Source: archive.org: Shiva Purana - English Translation

Durukta (दुरुक्त) refers to “harsh words”, according to the Śivapurāṇa 2.2.41.—Accordingly, as Viṣṇu and others eulogized Śiva:—“[...] vulgar persons who observe sacrificial rites alone are acrimonious and wicked. With harsh words (i.e., durukta) and jealousy these deluded persons inflict pain on others. O lord, let not the destruction of these gods be carried out by you. O lord, great god, be merciful”.

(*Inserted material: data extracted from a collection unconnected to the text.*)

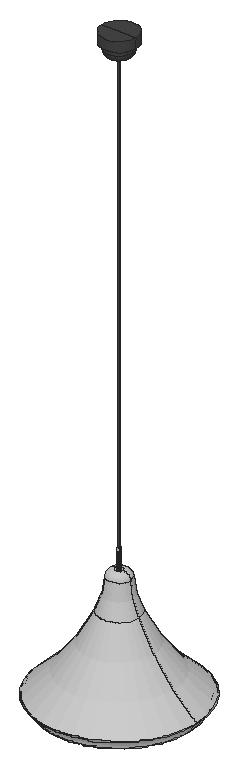
Revit family "Azalea(12,16,20,24)MB", category Lighting Fixtures, Revit 2020
Family settings
  Round Connector Dimension = Use Diameter
  Part Type = Normal
  OmniClass Number = 23.80.70.00
  OmniClass Title = Lighting
  Work Plane-Based = No
  Always vertical = Yes
  Cut with Voids When Loaded = No
  Light Source = Yes
  Shared = No
  Room Calculation Point = No
Parameters (values of type "MDA24")
  Weight = "4.5lbs"
  Wattage Comments = "60W Max"
  Wattage = 1.6 W
  Warranty = "5 year limited warranty"  # constant formula
  built-in parameter 1150110 = 1 (stored number, unit not read)
  Voltage = 277 V
  URL = "https://www.anplighting.com/assets/Uploads/product-attachments/specification-sheets/ANP-Specification-Sheet-MB-MDA24.pdf"
  built-in parameter 1114217 = 1 (stored number, unit not read)
  Tilt Angle = 90.00°
  built-in parameter 1150109 = 1 (stored number, unit not read)
  built-in parameter 1150134 = (empty or 0)
  built-in parameter 1150113 = 1 (stored number, unit not read)
  Mounting Option [instance] = 1
  Power Factor = 1
  Post Mount [instance] = Mounting Option = 5  # no
  Placement X axis side [instance] = if(Post Mount, 2' 2 15/32", if(Cord or Stem Mount, 0' 0", if(E36 20 inch, 1' 8 1/4", if(E 6 26 inch, 2' 2", if(E7 41 inch, 3' 5 1/4", 0' 1")))))  # 0' - 0"
  Photometric Web File = "MDA24M024LD35K.IES"
  Model = "MDA24"
  Manufacturer = "ANP Lighting"  # constant formula
  MDA24 = yes
  MDA20 = no
  MDA16 = no
  MDA12 = no
  built-in parameter 1150105 = 2000 (stored number, unit not read)
  Lumens = 2000 lm
  built-in parameter 1150115 = 1 (stored number, unit not read)
  Load Classification = Lighting
  Light Source Height [instance] = 1' - 6"
  built-in parameter 1150137 = (empty or 0)
  built-in parameter 1150139 = (empty or 0)
  Light Elevation _2 [instance] = if(Post Mount, 0' 0.66142", if(E7 41 inch, 0' 0.66142", if(E36 20 inch, 0' 1.65748", if(E 6 26 inch, 0' 1.53543", if(Cord or Stem Mount, (0' 4.3622" + Cord Length), 0' 0")))))  # 6' - 4.3622"
  Light Elevation _1 [instance] = if(Post Mount, 0' 0", if(E7 41 inch, 0' 0", if(E36 20 inch, 0' 1", if(E 6 26 inch, 0' 0.87402", if(Cord or Stem Mount, (0' 3.66142" + Cord Length), 0' 0")))))  # 6' - 3.66142"
  Light Elevation [instance] = if(Post Mount, 14' 0.5315", if(E7 41 inch, 0' 0", 0' 0"))  # 0' - 0"
  Life = "L70 50,000 hours"  # constant formula
  built-in parameter 1150112 = 1 (stored number, unit not read)
  built-in parameter 1150114 = 1 (stored number, unit not read)
  Lamp = "MB"
  built-in parameter 1150132 = 2
  built-in parameter 1150102 = (empty or 0)
  built-in parameter 1150107 = 2700 (stored number, unit not read)
  built-in parameter 1150138 = (empty or 0)
  built-in parameter 1150106 = 20 (stored number, unit not read)
  GLASS = Glass
  Fixture Height = 1' - 7"
  Fixture Finish = Fixture finish
  Fixture Diameter = 2' - 0"
  Efficiency = "65-125 lumens per watt"  # constant formula
  built-in parameter 1150104 = 116.13 (stored number, unit not read)
  E7 41 inch [instance] = Mounting Option = 4  # no
  E36 20 inch [instance] = Mounting Option = 3  # no
  E 6 26 inch [instance] = Mounting Option = 2  # no
  Dimming Lamp Color Temperature Shift = <None>
  Dimming = "1%"  # constant formula
  Description = "120-277 Voltage"  # constant formula
  Default Elevation = 0' - 0"
  Cord or Stem Mount [instance] = Mounting Option = 1  # yes
  Cord Length option [instance] = 0
  Cord Length [instance] = if([2' Cord], 2' 0", if([4' Cord], 4' 0", if([8' Cord], 8' 0", if([10' Cord], 10' 0", if([6' Cord], 6' 0", 6' 0")))))  # 6' - 0"
  Construction Material = "Heavy Duty spun aluminum."  # constant formula
  Color Filter = 16777215
  CRI = ">90"  # constant formula
  Body Material = body
  Body Colour = "Spun aluminium"  # constant formula
  built-in parameter 1114218 = 1 (stored number, unit not read)
  built-in parameter 1150133 = 10 (stored number, unit not read)
  Apparent Load = 60 VA
  8' Cord [instance] = Cord Length option = 8  # no
  6' Cord [instance] = Cord Length option = 6  # no
  4' Cord [instance] = Cord Length option = 4  # no
  2' Cord [instance] = Cord Length option = 2  # no
  10' Cord [instance] = Cord Length option = 10  # no
Types (5): name | Weight | Wattage | URL | Photometric Web File | Model | MDA24 | MDA20 | MDA16 | MDA12 | built-in parameter 1150105 | Lumens | Light Source Height | built-in parameter 1150106 | Fixture Height | Fixture Diameter
  (no name) | "4.5lbs" | 1.6 W | "https://www.anplighting.com/assets/Uploads/product-attachments/specification-sheets/ANP-Specification-Sheet-MB-MDA24.pdf" | "MDA24M024LD35K.IES" | "MDA24" | yes | no | no | no | 2000 (stored number, unit not read) | 2000 lm | 1' - 6" | 20 (stored number, unit not read) | 1' - 7" | 2' - 0"
  MDA12 | "3.0lbs" | 1 W | "https://www.anplighting.com/assets/Uploads/product-attachments/specification-sheets/ANP-Specification-Sheet-MB-MDA12.pdf" | "MDA12M010LD35K.IES" | "MDA12" | no | no | no | yes | 99.443 (stored number, unit not read) | 1250 lm | 0' - 8" | 0.99443 (stored number, unit not read) | 0' - 9 1/2" | 1' - 0"
  MDA16 | "3.5lbs" | 1.6 W | "https://www.anplighting.com/assets/Uploads/product-attachments/specification-sheets/ANP-Specification-Sheet-MB-MDA16.pdf" | "MDA16M016LD35K.IES" | "MDA16" | no | no | yes | no | 2000 (stored number, unit not read) | 2000 lm | 1' - 0" | 20 (stored number, unit not read) | 0' - 9 1/2" | 1' - 0"
  MDA20 | "4.0lbs" | 1.6 W | "https://www.anplighting.com/assets/Uploads/product-attachments/specification-sheets/ANP-Specification-Sheet-MB-MDA20.pdf" | "MDA20M016LD35K.IES" | "MDA20" | no | yes | no | no | 2000 (stored number, unit not read) | 2000 lm | 1' - 2" | 20 (stored number, unit not read) | 1' - 4" | 1' - 8"
  MDA24 | "4.5lbs" | 1.6 W | "https://www.anplighting.com/assets/Uploads/product-attachments/specification-sheets/ANP-Specification-Sheet-MB-MDA24.pdf" | "MDA24M024LD35K.IES" | "MDA24" | yes | no | no | no | 2000 (stored number, unit not read) | 2000 lm | 1' - 6" | 20 (stored number, unit not read) | 1' - 7" | 2' - 0"
Reference planes (in)
  plane 1 "Light Source Axis (F/B)": y = 0
  plane 2: z = 0
  plane 3 "Light Source Axis (L/R)": x = 0
  plane 4 "Light Source Elevation": z = 0
  plane 5: z = 0
  plane 6: x = 0
  plane 7 "Bulb Position": z = -76.3622
  plane 8 "Canopy Position": z = -75.66142
  plane 9 "IES": z = -94.3622
Dimensions and locks (in)
  "Light Elevation": plane 5 to plane 2
  "Placement X axis side": plane 6 to plane 3 "Light Source Axis (L/R)"
  "Light Elevation _2": plane 5 to plane 7 "Bulb Position"
  "Light Elevation _1": plane 5 to plane 8 "Canopy Position"
  "Light Source Height": plane 7 "Bulb Position" to plane 9 "IES"
  locked: plane 4 "Light Source Elevation" to plane 2
  aligned and locked: level to plane 2
  aligned and locked: plane 1 "Light Source Axis (F/B)" to nested 5
  aligned and locked: nested 5 to plane 2
  aligned and locked: nested 1 to plane 3 "Light Source Axis (L/R)"
  aligned and locked: plane 3 "Light Source Axis (L/R)" to nested 2
  aligned and locked: plane 3 "Light Source Axis (L/R)" to nested 4
  aligned and locked: nested 3 to plane 5
  aligned and locked: plane 3 "Light Source Axis (L/R)" to nested 3
  aligned and locked: plane 3 "Light Source Axis (L/R)" to nested 5
  aligned and locked: plane 1 "Light Source Axis (F/B)" to nested 2
  aligned and locked: plane 1 "Light Source Axis (F/B)" to nested 1
  aligned and locked: plane 1 "Light Source Axis (F/B)" to nested 4
  aligned and locked: plane 1 "Light Source Axis (F/B)" to nested 3
  aligned and locked: plane 2 to nested 1
  aligned and locked: plane 2 to nested 2
  aligned and locked: nested 4 to plane 2
  aligned and locked: imposter light to plane 9 "IES"
  aligned and locked: imposter light to plane 6
  aligned and locked: nested 6 to plane 8 "Canopy Position"
  aligned and locked: nested 7 to plane 8 "Canopy Position"
  aligned and locked: nested 8 to plane 8 "Canopy Position"
  aligned and locked: nested 9 to plane 8 "Canopy Position"
  aligned and locked: nested 6 to plane 6
  aligned and locked: nested 7 to plane 6
  aligned and locked: nested 8 to plane 6
  aligned and locked: nested 9 to plane 6
Nested families (in)
  nested 1: "CORD OR STEM MOUNT" at (0, 0, -75.67), visible <- "Cord or Stem Mount", Cord or Stem Mount <- "Cord or Stem Mount", Body Material <- "Body Material", Light Elevation <- "Light Elevation", Cord Length <- "Cord Length", 10' Cord <- "10' Cord", 2' Cord <- "2' Cord", 4' Cord <- "4' Cord", 6' Cord <- "6' Cord", 8' Cord <- "8' Cord", type "CORD OR STEM MOUNT"
    with Light Elevation 0' - 0", Cord or Stem Mount yes, Cord Length 6' - 0", Body Material body, 8' Cord no, 6' Cord no, 4' Cord no, 2' Cord no, 10' Cord no
  nested 2: "E6 26 INCH" at (0, 0, 0), visible <- "E 6 26 inch", Chain Length <- "Cord Length", E 6 26 inch <- "E 6 26 inch", Placement X axis side <- "Placement X axis side", Body Material <- "Body Material", Light Elevation <- "Light Elevation", type "E6 26 INCH"
    with Placement X axis side 0' - 0", Light Elevation 0' - 0", E 6 26 inch no, Chain Length 6' - 0", Body Material body
  nested 3: "E7 41 INCH" at (0, 0, 0), Chain Length <- "Cord Length", visible <- "E7 41 inch", E7 41 inch <- "E7 41 inch", Placement X axis side <- "Placement X axis side", Body Material <- "Body Material", Light Elevation <- "Light Elevation", type "E7 41 INCH"
    with Placement X axis side 0' - 0", Light Elevation 0' - 0", E7 41 inch no, Chain Length 6' - 0", Body Material body
  nested 4: "E36 20 INCH" at (0, 0, 0), visible <- "E36 20 inch", E36 20 inch <- "E36 20 inch", Placement X axis side <- "Placement X axis side", Chain Length <- "Cord Length", Body Material <- "Body Material", Light Elevation <- "Light Elevation", type "E36 20 INCH"
    with Placement X axis side 0' - 0", Light Elevation 0' - 0", E36 20 inch no, Chain Length 6' - 0", Body Material body
  nested 5: "POST MOUNT" at (0, 0, 0), visible <- "Post Mount", Post Mount <- "Post Mount", Placement X axis side <- "Placement X axis side", Chain Length <- "Cord Length", Body Material <- "Body Material", Light Elevation <- "Light Elevation", type "POST MOUNT"
    with Post Mount no, Placement X axis side 0' - 0", Light Elevation 0' - 0", Chain Length 6' - 0", Body Material body
  nested 6: "MDA12" at (0, 0, -75.66142), Light Elevation <- "Light Elevation", Body <- "Fixture Finish", MDA12 <- "MDA12", visible <- "MDA12", Lens <- "GLASS", type "MDA12"
    with MDA12 no, Light Elevation 0' - 0", Lens Glass, Body Fixture finish
  nested 7: "MDA16" at (0, 0, -75.66142), Light Elevation <- "Light Elevation", Body <- "Fixture Finish", MDA16 <- "MDA16", visible <- "MDA16", Lens <- "GLASS", type "MDA16"
    with MDA16 no, Light Elevation 0' - 0", Lens Glass, Body Fixture finish
  nested 8: "MDA20-1" at (0, 0, -75.66142), Light Elevation <- "Light Elevation", Body <- "Fixture Finish", MDA20 <- "MDA20", visible <- "MDA20", type "MDA20-1"
    with MDA20 no, Light Elevation 0' - 0", Body Fixture finish
  nested 9: "MDA24" at (0, 0, -75.66142), Light Elevation <- "Light Elevation", Body <- "Fixture Finish", visible <- "MDA24", MDA24 <- "MDA24", Lens <- "GLASS", type "MDA24"
    with MDA24 yes, Light Elevation 0' - 0", Lens Glass, Body Fixture finish
Definition of nested family "CORD OR STEM MOUNT"
  Parameters (values of type "CORD OR STEM MOUNT")
    URL = ""
    Model = ""
    Manufacturer = ""
    Light Elevation [instance] = 1' - 7.69"
    Default Elevation = 0' - 0"
    Cord or Stem Mount [instance] = yes
    Cord Length [instance] = 6' - 0"
    Body Material [instance] = none
    8' Cord [instance] = no
    6' Cord [instance] = no
    4' Cord [instance] = no
    2' Cord [instance] = no
    10' Cord [instance] = no
  Reference planes (in)
    plane 1 "Light Source Axis (F/B)": y = 0
    plane 2: z = 0
    plane 3 "Light Source Axis (L/R)": x = 0
    plane 4 "Light Source Elevation": z = 23.125
    plane 5: z = 91.69
    plane 6: z = 19.69
  Forms (in)
    Extrusion 1, void, not visible
      sketch origin (0, 0, 2.38154) x (1, 0, 0) y (0, 0, 1)
        loop
          circle (0, 4.59925) r 0.16583
      from 1.18594 to 1.75
    Extrusion 2, void, not visible
      sketch origin (0, 0, 2.38154) x (0.707107, -0.707107, 0) y (0, 0, 1)
        loop
          circle (0, 4.59925) r 0.16583
      from 1.18594 to 1.75
    Extrusion 3, void, not visible
      sketch origin (0, 0, 2.38154) x (0.707107, 0.707107, 0) y (0, 0, 1)
        loop
          circle (0, 4.59925) r 0.16583
      from 1.18594 to 1.75
    Extrusion 4, void, not visible
      sketch origin (0, 0, 2.38154) x (0, 1, 0) y (0, 0, 1)
        loop
          circle (0, 4.59925) r 0.16583
      from 1.18594 to 1.75
    Extrusion 5, void, not visible
      sketch origin (0, 0, 2.38154) x (-0.707107, 0.707107, 0) y (0, 0, 1)
        loop
          circle (0, 4.59925) r 0.16583
      from 1.18594 to 1.75
    Extrusion 6, void, not visible
      sketch origin (0, 0, 2.38154) x (-1, 0, 0) y (0, 0, 1)
        loop
          circle (0, 4.59925) r 0.20678
      from 1.18594 to 1.75
    Extrusion 7, void, not visible
      sketch origin (0, 0, 2.38154) x (-0.707107, -0.707107, 0) y (0, 0, 1)
        loop
          circle (0, 4.59925) r 0.16583
      from 1.18594 to 1.75
    Extrusion 8, void, not visible
      sketch origin (0, 0, 2.38154) x (0, -1, 0) y (0, 0, 1)
        loop
          circle (0, 4.59925) r 0.16583
      from 1.18594 to 1.75
    Revolve 9, solid, material <- "Body Material", visible <- "Cord or Stem Mount"
      sketch origin (0, 0, 174.56698) x (1, 0, 0) y (0, 0, 1)
        loop
          line (2.6875, -79.20698) -> (0, -79.20698) -> (0, -82.87698) -> (0.125, -82.87698) -> (0.125, -82.83698) -> (0.75, -82.83698)
          arc (0.75, -82.83698) -> (0.81694, -82.77004) -> (0.75, -82.7031) r 0.06694
          line (0.75, -82.7031) -> (0.89763, -82.7031) -> (1.00223, -82.5985) -> (1.06587, -82.5985)
          arc (1.06587, -82.5985) -> (1.80099, -82.29401) -> (2.10549, -81.55888) r 1.03962
          line (2.10549, -81.55888) -> (2.10549, -81.03899)
          arc (2.10549, -81.03899) -> (2.12951, -80.981) -> (2.1875, -80.95698) r 0.08201
          line (2.1875, -80.95698) -> (2.1875, -80.70698) -> (2.6875, -80.70698) -> (2.6875, -79.20698)
        axis (0, -79.20698) -> (0, -82.87698)
      angle from 0 to 360
    Revolve 10, solid, material <- "Body Material", visible <- "Cord or Stem Mount"
      sketch origin (0, 0, 0) x (1, 0, 0) y (0, 0, 1)
        loop
          line (0, 91.69) -> (-0.125, 91.69) -> (-0.125, 19.69) -> (0, 19.69) -> (0, 91.69)
        axis (0, 19.69) -> (0, 91.69)
      angle from 0 to 360
  Dimensions and locks (in)
    "Light Elevation": plane 6 to plane 2
    "Cord Length": plane 5 to plane 6
    locked: Revolve 10 sketch curve to Revolve 10 sketch curve at 0.125
    aligned and locked: level to plane 2
    aligned and locked: Revolve 10 sketch curve to plane 3 "Light Source Axis (L/R)"
    aligned and locked: Revolve 10 sketch curve to plane 6
    aligned and locked: Revolve 10 sketch curve to plane 5
    aligned and locked: plane 3 "Light Source Axis (L/R)" to Revolve 10 sketch curve
  Automatic sketch dimensions
    Revolve 9 sketch curve to plane 3 "Light Source Axis (L/R)" = 0' - 0"  (x2)
    Revolve 9 sketch curve to plane 5 = 0' - 0"
    plane 3 "Light Source Axis (L/R)" to Revolve 9 sketch curve = 0' - 0 1/8"
    Revolve 9 sketch curve to plane 5 = 0' - 0.17388"
    Revolve 9 sketch curve to Revolve 9 sketch curve = 0' - 0 5/8"
    Revolve 9 sketch curve to Revolve 9 sketch curve = 0' - 0.14763"
    Revolve 9 sketch curve to plane 5 = 0' - 0.27847"
    Revolve 9 sketch curve to Revolve 9 sketch curve = 0' - 0.1046"
    Revolve 9 sketch curve to Revolve 9 sketch curve = 0' - 0.06364"
    Revolve 9 sketch curve to Revolve 9 sketch curve = 0' - 1.03962"
    Revolve 9 sketch curve to Revolve 9 sketch curve = 0' - 0 21/256"
    Revolve 9 sketch curve to Revolve 9 sketch curve = 0' - 0 1/2"  (x2)
    Revolve 9 sketch curve to Revolve 9 sketch curve = 0' - 0.51989"
    Revolve 9 sketch curve to Revolve 9 sketch curve = 0' - 0 1/4"
    Revolve 9 sketch curve to Revolve 9 sketch curve = 0' - 2.3519"
    Revolve 9 sketch curve to Revolve 9 sketch curve = 0' - 1 1/4"
    Revolve 9 sketch curve to Revolve 9 sketch curve = 0' - 0.04"
    Revolve 10 sketch curve to Revolve 10 sketch curve = 0' - 0 1/2"
    Revolve 10 sketch curve to Revolve 10 sketch curve = 0' - 0.42345"
Definition of nested family "MDA24"
  Parameters (values of type "MDA24")
    MDA24 [instance] = yes
    Light Elevation [instance] = 0' - 0"
    Lens [instance] = none
    Default Elevation = 0' - 0"
    Body [instance] = none
  Reference planes (in)
    plane 1 "Center (Front/Back)": y = 0
    plane 2: z = 0
    plane 3 "Center (Left/Right)": x = 0
    plane 4: z = 0
  Dimensions and locks (in)
    "Light Elevation": plane 4 to plane 2
    aligned and locked: plane 2 to level
    aligned and locked: plane 3 "Center (Left/Right)" to nested 1
    aligned and locked: plane 1 "Center (Front/Back)" to nested 1
    aligned and locked: nested 1 to plane 4
  Nested families (in)
    nested 1: "MDA24" at (0, 0, -19), Lens <- "Lens", Body <- "Body", visible <- "MDA24", type "MDA24"
      with Lens none, Body none
  Definition of nested family "MDA24"
    Parameters (values of type "MDA24")
      Lens [instance] = none
      Default Elevation = 0' - 0"
      Body [instance] = none
    Reference planes (in)
      plane 1 "Center (Front/Back)": y = 0
      plane 2: z = 0
      plane 3 "Center (Left/Right)": x = 0
    Forms (in)
      Revolve 1, solid, material <- "Body"
        sketch origin (0, 0, -1) x (1, 0, 0) y (0, 0, 1)
          loop
            line (-0.25, 19.5) -> (-0.125, 19.5) -> (-0.125, 23) -> (-0.25, 23) -> (-0.25, 19.5)
          axis (0, 19.5) -> (0, 23)
        angle from 0 to 360
      Revolve 2, solid, material <- "Body"
        sketch origin (0, 0, -1) x (1, 0, 0) y (0, 0, 1)
          loop
            arc (-3.03395, 14.14321) -> (-6.91841, 7.80581) -> (-12.17973, 2.55507) r 31.5
            arc (-12.17973, 2.55507) -> (-12.20253, 2.50404) -> (-12.17336, 2.45635) r 0.06
            arc (-12.17336, 2.45635) -> (-11.51216, 1.85617) -> (-11.13649, 1.04606) r 2.25
            arc (-11.13649, 1.04606) -> (-11.11531, 1.0129) -> (-11.07813, 1) r 0.06
            line (-11.07813, 1) -> (-11.01563, 1) -> (-11.01563, 1.08) -> (-11.0624, 1.08)
            arc (-11.0624, 1.08) -> (-11.44379, 1.89822) -> (-12.10756, 2.51006) r 2.33
            arc (-12.10756, 2.51006) -> (-6.84665, 7.7676) -> (-2.96128, 14.10974) r 31.58
            arc (-2.96128, 14.10974) -> (-2.11564, 16.48565) -> (-1.70741, 18.9743) r 14.08
            arc (-1.70741, 18.9743) -> (-1.3846, 19.64706) -> (-0.69012, 19.92) r 1.02
            line (-0.69012, 19.92) -> (-0.25, 19.92) -> (-0.25, 20) -> (-0.69012, 20)
            arc (-0.69012, 20) -> (-1.43907, 19.70565) -> (-1.7872, 18.98013) r 1.1
            arc (-1.7872, 18.98013) -> (-2.19311, 16.50562) -> (-3.03395, 14.14321) r 14
          axis (0, 1) -> (0, 20)
        angle from 0 to 360
      Revolve 3, solid, material <- "Lens"
        sketch origin (0, 0, -1) x (1, 0, 0) y (0, 0, 1)
          loop
            line (0, 2.76228) -> (-11.625, 2.76228) -> (-11.625, 2.69978) -> (0, 2.69978) -> (0, 2.76228)
          axis (0, 2.69978) -> (0, 2.76228)
        angle from 0 to 360
    Dimensions and locks (in)
      aligned and locked: plane 2 to level
Definition of nested family "E6 26 INCH"
  Parameters (values of type "E6 26 INCH")
    URL = ""
    Placement X axis side [instance] = 2' - 2"
    Model = ""
    Manufacturer = ""
    Light Elevation [instance] = 8' - 4"
    E 6 26 inch [instance] = yes
    Default Elevation = 0' - 0"
    Chain Length [instance] = 0' - 0"
    Body Material [instance] = none
  Reference planes (in)
    plane 1 "Light Source Axis (F/B)": y = 0
    plane 2: z = 0
    plane 3 "Light Source Axis (L/R)": x = 0
    plane 4 "Light Source Elevation": z = 23.125
    plane 5: z = 100
    plane 6: x = -26
    plane 7: z = 99.125
    plane 8: x = -24.12
    plane 9: x = -25.5474
  Forms (in)
    Extrusion 1, void, not visible
      sketch origin (0, 0, 2.38154) x (1, 0, 0) y (0, 0, 1)
        loop
          circle (0, 4.59925) r 0.16583
      from 1.18594 to 1.75
    Extrusion 2, void, not visible
      sketch origin (0, 0, 2.38154) x (0.707107, -0.707107, 0) y (0, 0, 1)
        loop
          circle (0, 4.59925) r 0.16583
      from 1.18594 to 1.75
    Extrusion 3, void, not visible
      sketch origin (0, 0, 2.38154) x (0.707107, 0.707107, 0) y (0, 0, 1)
        loop
          circle (0, 4.59925) r 0.16583
      from 1.18594 to 1.75
    Extrusion 4, void, not visible
      sketch origin (0, 0, 2.38154) x (0, 1, 0) y (0, 0, 1)
        loop
          circle (0, 4.59925) r 0.16583
      from 1.18594 to 1.75
    Extrusion 5, void, not visible
      sketch origin (0, 0, 2.38154) x (-0.707107, 0.707107, 0) y (0, 0, 1)
        loop
          circle (0, 4.59925) r 0.16583
      from 1.18594 to 1.75
    Extrusion 6, void, not visible
      sketch origin (0, 0, 2.38154) x (-1, 0, 0) y (0, 0, 1)
        loop
          circle (0, 4.59925) r 0.20678
      from 1.18594 to 1.75
    Extrusion 7, void, not visible
      sketch origin (0, 0, 2.38154) x (-0.707107, -0.707107, 0) y (0, 0, 1)
        loop
          circle (0, 4.59925) r 0.16583
      from 1.18594 to 1.75
    Extrusion 8, void, not visible
      sketch origin (0, 0, 2.38154) x (0, -1, 0) y (0, 0, 1)
        loop
          circle (0, 4.59925) r 0.16583
      from 1.18594 to 1.75
    Sweep 9, solid, material <- "Body Material", visible <- "E 6 26 inch"
      path origin (-41.25, 0, 168.51693) x (1, 0, 0) y (0, 0, 1)
        loop
          line (17.13, -68.51693) -> (27.68551, -68.51693)
          arc (27.68551, -68.51693) -> (28.47996, -68.34486) -> (29.13202, -67.8595) r 1.92004
          line (29.13202, -67.8595) -> (34.23651, -62.01155)
          arc (34.23651, -62.01155) -> (38.65464, -60.89667) -> (41.25, -64.64193) r 4
          line (41.25, -64.64193) -> (41.25, -69.39193)
      profile origin (-18.84224, 0, 100) x (0, 0, 1) y (0, -1, 0)
        loop
          circle (0, 0) r 0.5
    Revolve 10, solid, material <- "Body Material", visible <- "E 6 26 inch"
      sketch origin (-26, 0, 168.51693) x (1, 0, 0) y (0, 0, 1)
        loop
          line (0, -66.07943) -> (0, -68.51693) -> (1.88, -68.51693) -> (1.88, -67.69272) -> (0.4526, -67.69272) -> (0.4526, -66.54122) -> (0.33125, -66.54122) -> (0.33125, -66.07943) -> (0, -66.07943)
        axis (0, -68.51693) -> (1.88, -68.51693)
      angle from 0 to 360
    Extrusion 11, solid, material <- "Body Material", visible <- "E 6 26 inch"
      sketch origin (-26, 0, 168.51693) x (0, -1, 0) y (0, 0, -1)
        loop
          line (0.25, 68.51693) -> (0.25, 69.51693) -> (-0.25, 69.51693) -> (-0.25, 68.51693) -> (0.25, 68.51693)
      from 0.4526 to 1.88
  Cuts and joins
    joined: Revolve 10, Extrusion 11
  Dimensions and locks (in)
    "Light Elevation": plane 5 to plane 2
    "Placement X axis side": plane 3 "Light Source Axis (L/R)" to plane 6
    locked: plane 5 to plane 7 at 0.875
    Revolve 10 sketch curve to Revolve 10 sketch curve to Revolve 10 sketch curve to plane 6 = 0' - 1.4274" locked, 0' - 0.12135" locked, 0' - 0.33125" locked
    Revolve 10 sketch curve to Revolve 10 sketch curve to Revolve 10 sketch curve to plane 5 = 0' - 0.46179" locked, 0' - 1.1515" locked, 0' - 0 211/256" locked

Durukta or “piercing harsh words” is also mentioned in the Śivapurāṇa 7.42.—Accordingly, as Dakṣa bowed and eulogised Śiva:—“[...] The great lord has been wounded by me by the shafts of piercing harsh words (i.e., durukta). I have made the gods, who conferred blessings on me, very dejected. O Śiva, the helper of the distressed, Thou art greater than the greatest. Thou art favourably disposed to thy devotees. Thou art satisfied by thine own action of great value”.

Purana book cover
context information

The Purana (पुराण, purāṇas) refers to Sanskrit literature preserving ancient India’s vast cultural history, including historical legends, religious ceremonies, various arts and sciences. The eighteen mahapuranas total over 400,000 shlokas (metrical couplets) and date to at least several centuries BCE.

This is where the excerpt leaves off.